How to complete this task:
Below are some records; quote exactly the lines from the one that contains "#380=VECTOR('Line Direction',#379,1.) ;" through the one that contains "#1418=ORIENTED_EDGE('',*,*,#1414,.F.) ;", inclusive, and no others.
START Data to use
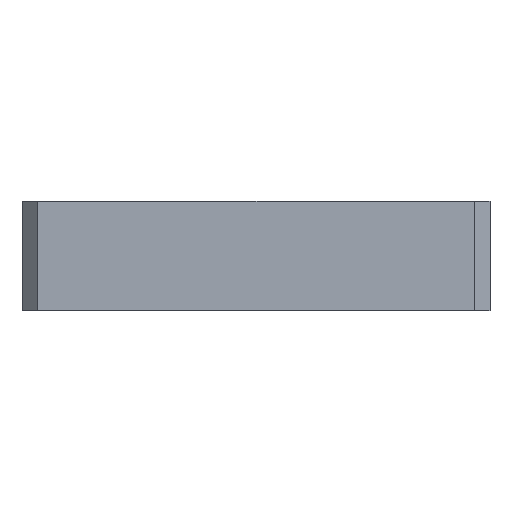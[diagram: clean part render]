
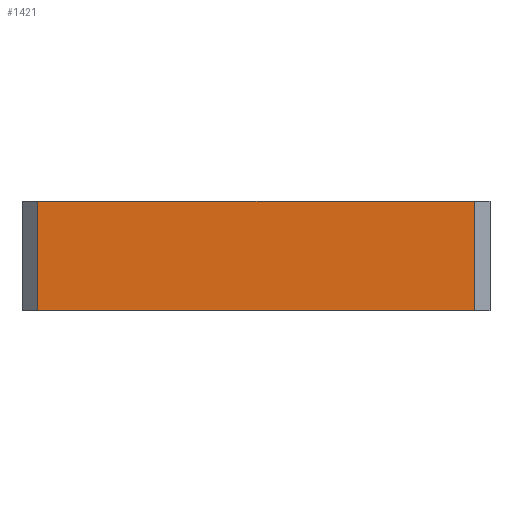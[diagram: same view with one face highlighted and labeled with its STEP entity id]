
A CAD part, front view. The second image highlights one B-rep face of the part: STEP entity #1421.
In plain terms, the highlighted planar face has unit normal (0, -1, 0).
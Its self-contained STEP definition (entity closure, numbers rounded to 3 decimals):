
#1408=AXIS2_PLACEMENT_3D('Plane Axis2P3D',#1405,#1406,#1407) ;
#141=CARTESIAN_POINT('Vertex',(145.5,-53.,0.)) ;
#144=CARTESIAN_POINT('Line Origine',(75.5,-53.,0.)) ;
#148=CARTESIAN_POINT('Vertex',(5.5,-53.,0.)) ;
#375=CARTESIAN_POINT('Vertex',(5.5,-53.,35.)) ;
#378=CARTESIAN_POINT('Line Origine',(75.5,-53.,35.)) ;
#382=CARTESIAN_POINT('Vertex',(145.5,-53.,35.)) ;
#1393=CARTESIAN_POINT('Line Origine',(145.5,-53.,17.5)) ;
#1405=CARTESIAN_POINT('Axis2P3D Location',(150.5,-53.,0.)) ;
#1410=CARTESIAN_POINT('Line Origine',(5.5,-53.,17.5)) ;
#145=DIRECTION('Vector Direction',(-1.,0.,0.)) ;
#379=DIRECTION('Vector Direction',(-1.,0.,0.)) ;
#1394=DIRECTION('Vector Direction',(0.,0.,1.)) ;
#1406=DIRECTION('Axis2P3D Direction',(0.,1.,-0.)) ;
#1407=DIRECTION('Axis2P3D XDirection',(-1.,0.,0.)) ;
#1411=DIRECTION('Vector Direction',(0.,0.,-1.)) ;
#146=VECTOR('Line Direction',#145,1.) ;
#380=VECTOR('Line Direction',#379,1.) ;
#1395=VECTOR('Line Direction',#1394,1.) ;
#1412=VECTOR('Line Direction',#1411,1.) ;
#1416=ORIENTED_EDGE('',*,*,#1397,.T.) ;
#1417=ORIENTED_EDGE('',*,*,#384,.F.) ;
#1418=ORIENTED_EDGE('',*,*,#1414,.F.) ;
#1419=ORIENTED_EDGE('',*,*,#150,.T.) ;
#1421=ADVANCED_FACE('PartBody',(#1420),#1409,.F.) ;
#150=EDGE_CURVE('',#149,#142,#147,.F.) ;
#384=EDGE_CURVE('',#376,#383,#381,.F.) ;
#1397=EDGE_CURVE('',#142,#383,#1396,.T.) ;
#1414=EDGE_CURVE('',#149,#376,#1413,.F.) ;
#1415=EDGE_LOOP('',(#1416,#1417,#1418,#1419)) ;
#1420=FACE_OUTER_BOUND('',#1415,.T.) ;
#147=LINE('Line',#144,#146) ;
#381=LINE('Line',#378,#380) ;
#1396=LINE('Line',#1393,#1395) ;
#1413=LINE('Line',#1410,#1412) ;
#1409=PLANE('',#1408) ;
#142=VERTEX_POINT('',#141) ;
#149=VERTEX_POINT('',#148) ;
#376=VERTEX_POINT('',#375) ;
#383=VERTEX_POINT('',#382) ;
END Data to use
Finished task:
#380=VECTOR('Line Direction',#379,1.) ;
#1395=VECTOR('Line Direction',#1394,1.) ;
#1412=VECTOR('Line Direction',#1411,1.) ;
#1416=ORIENTED_EDGE('',*,*,#1397,.T.) ;
#1417=ORIENTED_EDGE('',*,*,#384,.F.) ;
#1418=ORIENTED_EDGE('',*,*,#1414,.F.) ;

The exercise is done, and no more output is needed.